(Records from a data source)
▼

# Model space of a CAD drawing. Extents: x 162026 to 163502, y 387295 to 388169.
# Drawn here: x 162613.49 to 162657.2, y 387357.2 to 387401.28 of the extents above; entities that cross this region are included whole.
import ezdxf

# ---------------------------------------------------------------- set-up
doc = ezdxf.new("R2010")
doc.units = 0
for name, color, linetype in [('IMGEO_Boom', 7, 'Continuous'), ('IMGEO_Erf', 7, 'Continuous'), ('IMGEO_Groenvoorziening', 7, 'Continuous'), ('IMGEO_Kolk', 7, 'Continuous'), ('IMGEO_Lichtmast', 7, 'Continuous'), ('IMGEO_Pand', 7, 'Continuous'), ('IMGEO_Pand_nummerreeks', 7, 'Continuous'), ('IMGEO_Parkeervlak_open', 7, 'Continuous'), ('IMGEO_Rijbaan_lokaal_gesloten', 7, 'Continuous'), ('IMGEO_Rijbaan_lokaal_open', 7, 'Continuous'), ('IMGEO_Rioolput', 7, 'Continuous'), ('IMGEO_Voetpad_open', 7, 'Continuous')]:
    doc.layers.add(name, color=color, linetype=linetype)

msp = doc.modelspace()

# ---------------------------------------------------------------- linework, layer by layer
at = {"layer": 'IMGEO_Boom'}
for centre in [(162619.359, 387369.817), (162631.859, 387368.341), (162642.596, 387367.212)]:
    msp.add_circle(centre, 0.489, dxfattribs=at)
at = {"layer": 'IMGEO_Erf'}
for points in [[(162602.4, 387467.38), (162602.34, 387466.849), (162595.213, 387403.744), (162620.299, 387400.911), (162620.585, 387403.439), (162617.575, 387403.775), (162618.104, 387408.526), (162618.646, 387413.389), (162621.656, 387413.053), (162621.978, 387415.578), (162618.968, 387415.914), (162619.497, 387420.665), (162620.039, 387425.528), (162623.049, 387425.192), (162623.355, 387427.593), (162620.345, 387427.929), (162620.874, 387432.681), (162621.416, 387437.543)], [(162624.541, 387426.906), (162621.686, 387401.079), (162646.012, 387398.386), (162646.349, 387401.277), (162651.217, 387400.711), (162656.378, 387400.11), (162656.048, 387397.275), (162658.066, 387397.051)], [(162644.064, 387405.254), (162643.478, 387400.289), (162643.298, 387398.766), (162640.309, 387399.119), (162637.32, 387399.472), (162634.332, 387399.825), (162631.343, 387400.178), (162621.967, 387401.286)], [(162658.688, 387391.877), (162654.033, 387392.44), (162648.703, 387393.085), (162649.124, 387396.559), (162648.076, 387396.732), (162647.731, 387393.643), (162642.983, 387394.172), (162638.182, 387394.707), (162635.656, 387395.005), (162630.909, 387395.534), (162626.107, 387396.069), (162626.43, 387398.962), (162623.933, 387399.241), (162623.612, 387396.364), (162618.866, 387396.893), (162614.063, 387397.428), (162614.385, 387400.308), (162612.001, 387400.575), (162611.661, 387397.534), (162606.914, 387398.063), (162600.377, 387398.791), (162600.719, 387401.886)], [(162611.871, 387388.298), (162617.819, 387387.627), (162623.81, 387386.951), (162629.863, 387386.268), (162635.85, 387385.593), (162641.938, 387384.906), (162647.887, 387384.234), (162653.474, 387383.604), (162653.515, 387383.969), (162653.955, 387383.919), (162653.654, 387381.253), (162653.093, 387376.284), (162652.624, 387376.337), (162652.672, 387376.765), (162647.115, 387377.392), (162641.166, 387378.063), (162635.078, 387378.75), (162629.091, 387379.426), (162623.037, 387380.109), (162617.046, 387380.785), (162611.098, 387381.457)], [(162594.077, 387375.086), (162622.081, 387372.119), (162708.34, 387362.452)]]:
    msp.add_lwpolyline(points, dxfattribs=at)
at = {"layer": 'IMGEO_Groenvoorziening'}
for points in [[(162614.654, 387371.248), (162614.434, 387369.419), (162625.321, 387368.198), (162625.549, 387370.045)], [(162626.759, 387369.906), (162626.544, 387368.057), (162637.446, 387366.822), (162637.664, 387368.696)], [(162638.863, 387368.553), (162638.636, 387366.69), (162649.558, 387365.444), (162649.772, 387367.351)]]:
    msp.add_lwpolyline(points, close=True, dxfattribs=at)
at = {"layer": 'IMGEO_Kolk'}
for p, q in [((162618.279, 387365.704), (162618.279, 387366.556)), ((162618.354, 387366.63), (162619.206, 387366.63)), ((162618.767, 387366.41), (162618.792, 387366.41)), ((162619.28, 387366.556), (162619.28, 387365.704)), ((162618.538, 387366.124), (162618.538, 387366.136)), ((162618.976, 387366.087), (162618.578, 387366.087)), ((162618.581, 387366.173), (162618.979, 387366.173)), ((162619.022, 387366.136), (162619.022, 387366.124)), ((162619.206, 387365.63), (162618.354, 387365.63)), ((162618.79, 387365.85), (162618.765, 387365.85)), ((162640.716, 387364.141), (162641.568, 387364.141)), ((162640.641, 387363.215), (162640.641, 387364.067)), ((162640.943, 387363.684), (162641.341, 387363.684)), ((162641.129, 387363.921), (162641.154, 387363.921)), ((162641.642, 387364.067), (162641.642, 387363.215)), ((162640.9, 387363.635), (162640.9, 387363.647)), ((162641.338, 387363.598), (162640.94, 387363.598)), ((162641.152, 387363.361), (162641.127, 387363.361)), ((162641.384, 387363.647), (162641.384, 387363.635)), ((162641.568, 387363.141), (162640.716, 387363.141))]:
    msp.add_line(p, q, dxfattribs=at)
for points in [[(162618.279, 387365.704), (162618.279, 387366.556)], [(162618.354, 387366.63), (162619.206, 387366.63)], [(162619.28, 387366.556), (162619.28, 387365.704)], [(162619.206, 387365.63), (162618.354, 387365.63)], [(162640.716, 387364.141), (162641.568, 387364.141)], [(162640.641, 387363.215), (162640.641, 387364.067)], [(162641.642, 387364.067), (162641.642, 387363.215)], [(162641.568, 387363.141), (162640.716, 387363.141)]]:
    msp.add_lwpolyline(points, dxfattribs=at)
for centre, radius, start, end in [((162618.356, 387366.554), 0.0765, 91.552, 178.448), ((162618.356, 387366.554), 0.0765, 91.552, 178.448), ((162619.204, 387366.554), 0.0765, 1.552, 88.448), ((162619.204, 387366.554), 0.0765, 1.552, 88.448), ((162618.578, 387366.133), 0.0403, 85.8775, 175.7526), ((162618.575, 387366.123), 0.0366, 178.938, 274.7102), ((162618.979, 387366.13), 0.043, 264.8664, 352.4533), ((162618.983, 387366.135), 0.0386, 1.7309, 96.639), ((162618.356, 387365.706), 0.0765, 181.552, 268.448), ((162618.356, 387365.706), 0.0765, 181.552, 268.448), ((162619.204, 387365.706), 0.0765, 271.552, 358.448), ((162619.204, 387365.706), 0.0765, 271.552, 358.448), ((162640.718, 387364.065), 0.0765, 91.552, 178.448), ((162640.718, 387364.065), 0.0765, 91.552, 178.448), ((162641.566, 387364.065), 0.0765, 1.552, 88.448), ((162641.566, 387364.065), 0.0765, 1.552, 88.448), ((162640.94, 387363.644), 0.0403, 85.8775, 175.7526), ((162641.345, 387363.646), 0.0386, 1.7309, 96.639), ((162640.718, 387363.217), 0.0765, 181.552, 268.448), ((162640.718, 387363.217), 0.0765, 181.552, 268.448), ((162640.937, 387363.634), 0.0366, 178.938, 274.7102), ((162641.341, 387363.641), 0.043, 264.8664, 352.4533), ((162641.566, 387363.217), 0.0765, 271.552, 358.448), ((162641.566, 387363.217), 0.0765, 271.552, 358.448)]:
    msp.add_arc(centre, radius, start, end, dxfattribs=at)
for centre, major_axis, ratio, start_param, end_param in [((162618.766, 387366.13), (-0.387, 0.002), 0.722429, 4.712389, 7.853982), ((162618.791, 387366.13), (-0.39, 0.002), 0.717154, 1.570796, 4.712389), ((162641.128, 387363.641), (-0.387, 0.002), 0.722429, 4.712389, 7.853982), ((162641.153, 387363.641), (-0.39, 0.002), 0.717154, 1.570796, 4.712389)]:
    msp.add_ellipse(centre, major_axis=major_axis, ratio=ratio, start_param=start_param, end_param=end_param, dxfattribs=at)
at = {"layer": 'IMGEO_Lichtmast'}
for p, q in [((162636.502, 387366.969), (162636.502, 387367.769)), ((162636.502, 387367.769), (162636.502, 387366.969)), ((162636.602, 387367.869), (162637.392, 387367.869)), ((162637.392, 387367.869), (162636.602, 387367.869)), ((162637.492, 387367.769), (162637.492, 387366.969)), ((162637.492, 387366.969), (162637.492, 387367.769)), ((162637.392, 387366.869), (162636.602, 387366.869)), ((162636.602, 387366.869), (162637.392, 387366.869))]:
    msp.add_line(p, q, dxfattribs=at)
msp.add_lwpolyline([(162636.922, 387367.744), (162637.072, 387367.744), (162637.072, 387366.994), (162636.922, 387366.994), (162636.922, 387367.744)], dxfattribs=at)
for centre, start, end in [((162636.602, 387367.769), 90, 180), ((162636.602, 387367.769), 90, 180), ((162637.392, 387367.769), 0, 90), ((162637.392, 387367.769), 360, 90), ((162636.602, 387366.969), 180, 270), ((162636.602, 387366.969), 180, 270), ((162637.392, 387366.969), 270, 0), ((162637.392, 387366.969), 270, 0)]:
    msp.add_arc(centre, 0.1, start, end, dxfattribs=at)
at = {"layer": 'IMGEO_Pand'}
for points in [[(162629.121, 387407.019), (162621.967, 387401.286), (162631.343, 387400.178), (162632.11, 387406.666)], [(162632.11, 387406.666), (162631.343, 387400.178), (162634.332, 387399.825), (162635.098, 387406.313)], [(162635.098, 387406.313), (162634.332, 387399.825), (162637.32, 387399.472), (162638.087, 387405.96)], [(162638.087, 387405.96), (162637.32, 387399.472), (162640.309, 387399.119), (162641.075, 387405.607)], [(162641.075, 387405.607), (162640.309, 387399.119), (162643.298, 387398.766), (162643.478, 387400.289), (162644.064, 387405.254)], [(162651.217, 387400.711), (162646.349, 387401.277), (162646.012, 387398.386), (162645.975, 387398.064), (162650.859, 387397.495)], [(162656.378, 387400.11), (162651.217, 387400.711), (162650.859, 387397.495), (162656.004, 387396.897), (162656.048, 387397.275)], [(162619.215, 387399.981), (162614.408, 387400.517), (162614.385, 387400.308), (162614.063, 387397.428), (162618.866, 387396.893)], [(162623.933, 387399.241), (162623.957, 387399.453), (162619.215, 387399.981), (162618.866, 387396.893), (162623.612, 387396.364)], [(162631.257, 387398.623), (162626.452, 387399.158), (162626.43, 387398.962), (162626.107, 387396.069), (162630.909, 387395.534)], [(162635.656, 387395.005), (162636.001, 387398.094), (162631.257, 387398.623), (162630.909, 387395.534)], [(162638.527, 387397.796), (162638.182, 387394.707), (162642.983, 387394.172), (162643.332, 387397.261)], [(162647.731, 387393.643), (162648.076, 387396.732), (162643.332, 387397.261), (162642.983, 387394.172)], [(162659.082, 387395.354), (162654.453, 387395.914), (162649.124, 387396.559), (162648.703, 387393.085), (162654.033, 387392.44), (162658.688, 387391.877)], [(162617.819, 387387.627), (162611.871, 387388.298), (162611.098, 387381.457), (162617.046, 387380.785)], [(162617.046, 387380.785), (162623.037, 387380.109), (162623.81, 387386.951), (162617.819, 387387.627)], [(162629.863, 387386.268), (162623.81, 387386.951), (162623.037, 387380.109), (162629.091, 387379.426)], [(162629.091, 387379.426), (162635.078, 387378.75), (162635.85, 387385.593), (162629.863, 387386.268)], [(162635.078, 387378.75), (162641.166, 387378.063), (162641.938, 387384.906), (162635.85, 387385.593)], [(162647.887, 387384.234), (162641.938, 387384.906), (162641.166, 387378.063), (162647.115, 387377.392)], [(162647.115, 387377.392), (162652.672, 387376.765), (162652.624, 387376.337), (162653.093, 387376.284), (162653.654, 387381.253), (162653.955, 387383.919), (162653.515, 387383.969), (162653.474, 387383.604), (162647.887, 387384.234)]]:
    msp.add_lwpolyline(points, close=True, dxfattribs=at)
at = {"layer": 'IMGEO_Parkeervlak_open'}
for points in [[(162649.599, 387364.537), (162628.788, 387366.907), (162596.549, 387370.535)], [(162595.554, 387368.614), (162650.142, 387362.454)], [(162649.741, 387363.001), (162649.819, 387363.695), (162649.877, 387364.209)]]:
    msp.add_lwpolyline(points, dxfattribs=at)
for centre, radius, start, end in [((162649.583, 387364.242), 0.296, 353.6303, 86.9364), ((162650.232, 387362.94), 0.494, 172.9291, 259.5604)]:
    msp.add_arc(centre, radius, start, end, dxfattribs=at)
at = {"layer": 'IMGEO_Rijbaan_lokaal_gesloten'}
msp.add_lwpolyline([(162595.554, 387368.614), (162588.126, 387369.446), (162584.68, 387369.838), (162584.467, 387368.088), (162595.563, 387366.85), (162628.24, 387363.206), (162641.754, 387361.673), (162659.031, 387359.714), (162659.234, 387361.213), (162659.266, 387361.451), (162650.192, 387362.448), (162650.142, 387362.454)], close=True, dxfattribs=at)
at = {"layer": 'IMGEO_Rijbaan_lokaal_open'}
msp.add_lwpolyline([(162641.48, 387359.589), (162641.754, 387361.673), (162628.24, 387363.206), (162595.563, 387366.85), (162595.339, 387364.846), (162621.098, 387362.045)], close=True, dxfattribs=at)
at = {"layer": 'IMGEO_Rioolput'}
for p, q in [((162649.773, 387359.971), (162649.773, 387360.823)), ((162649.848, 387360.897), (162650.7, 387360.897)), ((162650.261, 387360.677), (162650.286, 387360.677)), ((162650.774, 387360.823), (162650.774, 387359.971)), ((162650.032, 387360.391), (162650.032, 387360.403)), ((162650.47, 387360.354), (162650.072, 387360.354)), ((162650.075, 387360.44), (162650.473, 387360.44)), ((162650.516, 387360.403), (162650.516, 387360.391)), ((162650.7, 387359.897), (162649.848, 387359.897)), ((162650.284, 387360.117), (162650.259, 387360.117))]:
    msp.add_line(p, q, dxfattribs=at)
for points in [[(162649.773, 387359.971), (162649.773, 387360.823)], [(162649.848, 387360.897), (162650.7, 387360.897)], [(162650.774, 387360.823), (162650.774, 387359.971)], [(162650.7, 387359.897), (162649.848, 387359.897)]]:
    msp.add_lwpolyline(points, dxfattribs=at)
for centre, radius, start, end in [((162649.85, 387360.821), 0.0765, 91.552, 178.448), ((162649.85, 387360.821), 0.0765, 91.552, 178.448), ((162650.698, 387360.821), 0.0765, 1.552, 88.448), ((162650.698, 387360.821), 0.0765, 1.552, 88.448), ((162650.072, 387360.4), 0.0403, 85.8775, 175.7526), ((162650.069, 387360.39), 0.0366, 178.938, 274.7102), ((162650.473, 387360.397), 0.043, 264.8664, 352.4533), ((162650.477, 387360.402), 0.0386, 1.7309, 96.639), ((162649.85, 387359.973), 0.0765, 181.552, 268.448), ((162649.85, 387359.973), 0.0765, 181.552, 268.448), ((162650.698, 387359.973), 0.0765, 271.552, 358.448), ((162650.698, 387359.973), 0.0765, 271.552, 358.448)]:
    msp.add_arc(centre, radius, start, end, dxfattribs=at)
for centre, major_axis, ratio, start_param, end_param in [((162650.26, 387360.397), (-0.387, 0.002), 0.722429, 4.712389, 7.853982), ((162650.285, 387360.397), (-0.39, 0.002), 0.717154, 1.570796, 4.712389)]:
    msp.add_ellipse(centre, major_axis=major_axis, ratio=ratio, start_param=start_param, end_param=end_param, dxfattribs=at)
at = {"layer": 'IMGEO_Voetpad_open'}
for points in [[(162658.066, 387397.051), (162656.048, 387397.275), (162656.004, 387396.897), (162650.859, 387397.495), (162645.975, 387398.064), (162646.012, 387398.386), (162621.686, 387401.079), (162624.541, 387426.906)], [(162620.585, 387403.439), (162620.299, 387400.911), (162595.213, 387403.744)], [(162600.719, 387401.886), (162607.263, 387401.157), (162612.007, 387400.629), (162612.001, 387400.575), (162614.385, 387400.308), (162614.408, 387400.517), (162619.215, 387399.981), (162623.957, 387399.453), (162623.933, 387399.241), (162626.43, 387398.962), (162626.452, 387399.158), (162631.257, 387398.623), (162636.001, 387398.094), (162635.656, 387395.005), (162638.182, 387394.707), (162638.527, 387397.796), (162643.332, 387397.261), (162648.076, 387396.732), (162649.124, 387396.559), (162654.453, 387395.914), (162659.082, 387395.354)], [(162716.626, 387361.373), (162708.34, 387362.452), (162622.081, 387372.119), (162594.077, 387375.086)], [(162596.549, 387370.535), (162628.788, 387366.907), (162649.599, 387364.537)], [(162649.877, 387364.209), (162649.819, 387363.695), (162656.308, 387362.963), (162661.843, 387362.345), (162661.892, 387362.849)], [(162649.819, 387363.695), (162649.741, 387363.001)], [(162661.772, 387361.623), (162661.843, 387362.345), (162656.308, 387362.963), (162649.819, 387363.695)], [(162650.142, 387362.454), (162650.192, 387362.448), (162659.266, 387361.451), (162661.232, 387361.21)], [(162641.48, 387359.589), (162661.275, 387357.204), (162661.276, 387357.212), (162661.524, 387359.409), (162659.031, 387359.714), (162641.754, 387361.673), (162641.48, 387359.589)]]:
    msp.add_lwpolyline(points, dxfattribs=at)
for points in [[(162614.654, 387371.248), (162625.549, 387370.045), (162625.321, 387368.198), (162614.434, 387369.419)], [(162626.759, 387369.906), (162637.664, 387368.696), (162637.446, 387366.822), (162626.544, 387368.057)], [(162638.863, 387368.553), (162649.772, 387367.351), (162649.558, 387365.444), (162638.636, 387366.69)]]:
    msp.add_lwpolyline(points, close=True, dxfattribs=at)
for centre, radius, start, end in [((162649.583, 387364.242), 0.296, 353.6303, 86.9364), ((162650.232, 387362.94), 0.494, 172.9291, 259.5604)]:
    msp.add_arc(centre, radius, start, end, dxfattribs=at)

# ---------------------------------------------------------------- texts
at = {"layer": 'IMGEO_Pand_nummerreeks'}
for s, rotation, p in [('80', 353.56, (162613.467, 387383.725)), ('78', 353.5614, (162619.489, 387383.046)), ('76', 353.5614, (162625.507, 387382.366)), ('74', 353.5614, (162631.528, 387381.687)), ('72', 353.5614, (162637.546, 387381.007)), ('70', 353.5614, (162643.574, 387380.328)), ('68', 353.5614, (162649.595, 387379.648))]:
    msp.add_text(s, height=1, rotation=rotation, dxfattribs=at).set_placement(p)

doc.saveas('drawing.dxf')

▲

TRY IT -
The count, and nothing else: how many lines of the entries contain the word "ratio"?

REPLY TO THE TASK -
4